3.2. Analysis of DARE in Cell Clones of Modified Clonal MEL-HBBIVS Cells
In order to correlate indel events and functional correction directly, we then analyzed DARE in clonal MEL-HBBIVS cells with a single HBBIVSI-110(G>A) copy per cell [19](Figure 2). The limiting dilution post-treatment and sequencing of 96 potential clones per designer nuclease allowed us to identify and proceed with 34 cell clones that represented individual indel events (Figure 2, gDNA panel), in addition to four clones without modification as negative controls (clone A1#1 after TALEN R1/L1, B1#1 after TALEN R1/L2 and Mock A and B after pUC118 plasmid electroporation). In line with general disruption efficiencies after plasmid-based delivery, TALEN R1/L1 was represented by 14 clones, TALEN R1/L2 by 20 clones, and RGN by 0 clones. After expansion and induced erythroid differentiation of individual clones, the material was collected for DNA-based confirmation of clone identity and purity, for RNA-based assessment of normal HBB transcript levels and normal:aberrant transcript ratios, and for the quantification of HBB protein levels.
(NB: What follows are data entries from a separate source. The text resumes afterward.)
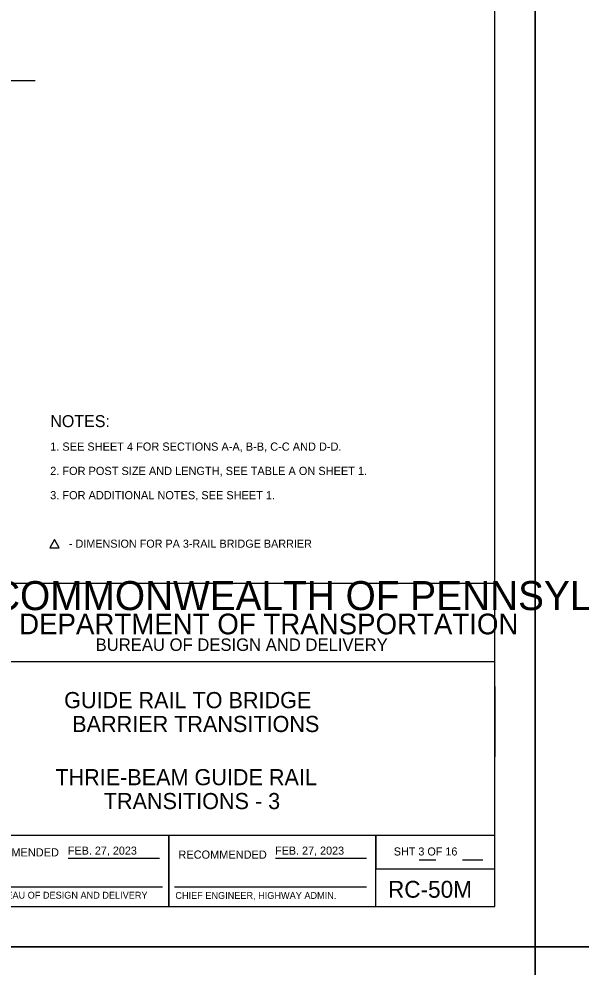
# Model space of a CAD drawing. Extents: x 632007860 to 635435983, y 295418622 to 297794622.
# Drawn here: x 632657018 to 632865880, y 296005122 to 296357450 of the extents above; entities that cross this region are included whole.
import ezdxf

# ---------------------------------------------------------------- set-up
doc = ezdxf.new("R2010")
doc.units = 0
for name, color, linetype in [('1', 7, 'Continuous'), ('2', 7, 'Continuous'), ('3', 7, 'Continuous'), ('PLT-BNDY', 7, 'Continuous'), ('S-DETL-DIMS', 7, 'Continuous'), ('S-DETL-T120', 7, 'Continuous'), ('S-DETL-T175', 7, 'Continuous')]:
    doc.layers.add(name, color=color, linetype=linetype)

msp = doc.modelspace()

# ---------------------------------------------------------------- linework, layer by layer
at = {"layer": '1'}
for p, q in [((632675325, 296045611), (632709211, 296045611)), ((632752323, 296045611), (632786193, 296045611)), ((632805769, 296044991), (632811911, 296044991)), ((632821771, 296044991), (632829417, 296044991)), ((632636485, 296034918), (632710385, 296034918)), ((632714791, 296034918), (632786131, 296034918))]:
    msp.add_line(p, q, dxfattribs=at)
msp.add_lwpolyline([(632833860, 296027622), (632833860, 296591622), (632047860, 296591622), (632047860, 296027622), (632833860, 296027622), (632833860, 296053981), (632633860, 296053981), (632633860, 296118659), (632833860, 296118659), (632833860, 296147622), (632633860, 296147622), (632633860, 296027622), (632712661, 296027622), (632712661, 296053981), (632712661, 296027622), (632789661, 296027622), (632789661, 296053981), (632789661, 296041665), (632833860, 296041665)], dxfattribs=at)
at = {"layer": '2'}
for p, q in [((632833860, 296046497), (632833860, 296109328)), ((632833860, 296109328), (632833860, 296083180))]:
    msp.add_line(p, q, dxfattribs=at)
at = {"layer": 'PLT-BNDY'}
for points in [[(632007860, 296606622), (632848860, 296606622), (632848860, 296012622), (632007860, 296012622)], [(632848860, 296606622), (633689860, 296606622), (633689860, 296012622), (632848860, 296012622)], [(632007860, 296012622), (632848860, 296012622), (632848860, 295418622), (632007860, 295418622)], [(632848860, 296012622), (633689860, 296012622), (633689860, 295418622), (632848860, 295418622)]]:
    msp.add_lwpolyline(points, close=True, dxfattribs=at)
at = {"layer": 'S-DETL-DIMS'}
msp.add_line((632598995, 296334582), (632662982, 296334582), dxfattribs=at)
at = {"layer": 'S-DETL-T120'}
msp.add_lwpolyline([(632670257, 296163951), (632668525, 296160951), (632671989, 296160951)], close=True, dxfattribs=at)

# ---------------------------------------------------------------- texts
at = {"layer": '1'}
for s, height, p in [('COMMONWEALTH OF PENNSYLVANIA', 10783.37, (632647011, 296137766)), ('DEPARTMENT OF TRANSPORTATION', 7684.29, (632657072, 296128771)), ('BUREAU OF DESIGN AND DELIVERY', 4622.09, (632685520, 296122609)), ('RECOMMENDED', 3048, (632639023, 296046216)), ('FEB. 27, 2023', 3000, (632675186, 296046887)), ('RECOMMENDED', 3048, (632716267, 296045379)), ('FEB. 27, 2023', 3000, (632752184, 296046887)), ('APPROVED', 19.2, (632676883, 296045554)), ('APPROVED', 19.2, (632676883, 296045554)), ('DIR., BUREAU OF DESIGN AND DELIVERY', 2540, (632636485, 296030554)), ('CHIEF ENGINEER, HIGHWAY ADMIN.', 2540, (632715144, 296030445))]:
    msp.add_text(s, height=height, dxfattribs=at).set_placement(p)
at = {"layer": '2'}
for s, height, p in [('GUIDE RAIL TO BRIDGE', 6000, (632673804, 296101323)), ('BARRIER TRANSITIONS', 6000, (632676804, 296092448)), ('THRIE-BEAM GUIDE RAIL', 6000, (632670541, 296072686)), ('TRANSITIONS - 3', 6000, (632688541, 296063804)), ('SHT 3 OF 16', 3000, (632796296, 296046576))]:
    msp.add_text(s, height=height, dxfattribs=at).set_placement(p)
at = {"layer": '3'}
msp.add_text('RC-50M', height=6267.5, dxfattribs=at).set_placement((632794143, 296030881))
at = {"layer": 'S-DETL-T120'}
for s, p in [('1. SEE SHEET 4 FOR SECTIONS A-A, B-B, C-C AND D-D.', (632668614, 296197001)), ('2. FOR POST SIZE AND LENGTH, SEE TABLE A ON SHEET 1.', (632668614, 296187976)), ('3. FOR ADDITIONAL NOTES, SEE SHEET 1.', (632668614, 296178952))]:
    msp.add_text(s, height=3048.06, rotation=360, dxfattribs=at).set_placement(p)
msp.add_text('- DIMENSION FOR PA 3-RAIL BRIDGE BARRIER', height=3000, dxfattribs=at).set_placement((632675583, 296160951))
at = {"layer": 'S-DETL-T175'}
msp.add_text('NOTES:', height=4450, dxfattribs=at).set_placement((632668656, 296205765))

doc.saveas('drawing.dxf')

At the RNA level and based on RT-qPCR (Figure 2, RNA panel), restoration of splicing was observed in all clones for which the HBBIVSI-110(G>A) mutation had been disrupted, with the exception of clones B1#20 and B1#21, in which large deletions also disrupted the normal SA site. Correct splicing was also restored by many indel events that disrupted the region upstream of the HBBIVSI-110(G>A) mutation but left the aberrant SA site intact. In general, we noticed that most deletions larger than 5 bp (starting from B1#8) completely corrected HBB pre-mRNA splicing. Notable was the unique case of complete restoration of correct splicing in clone A1#2 with a single-base (T) deletion. In total, 23 out of 34 genome-edited MEL-HBBIVS clones had an increase of normal HBB mRNA by at least 40%. However, deactivation of aberrant mRNA alone appears to have a therapeutic effect for β-thalassemia, as shown elsewhere [19], so that DARE-mediated depletion of aberrant mRNA may indicate therapeutic potential even more than an increase in normal mRNA. In this vein, 22 out of 34 genome-edited clones had virtually abolished incorrect splicing with ≤ 1.1% aberrant mRNA, at an average of (0.13 ± 0.32)%.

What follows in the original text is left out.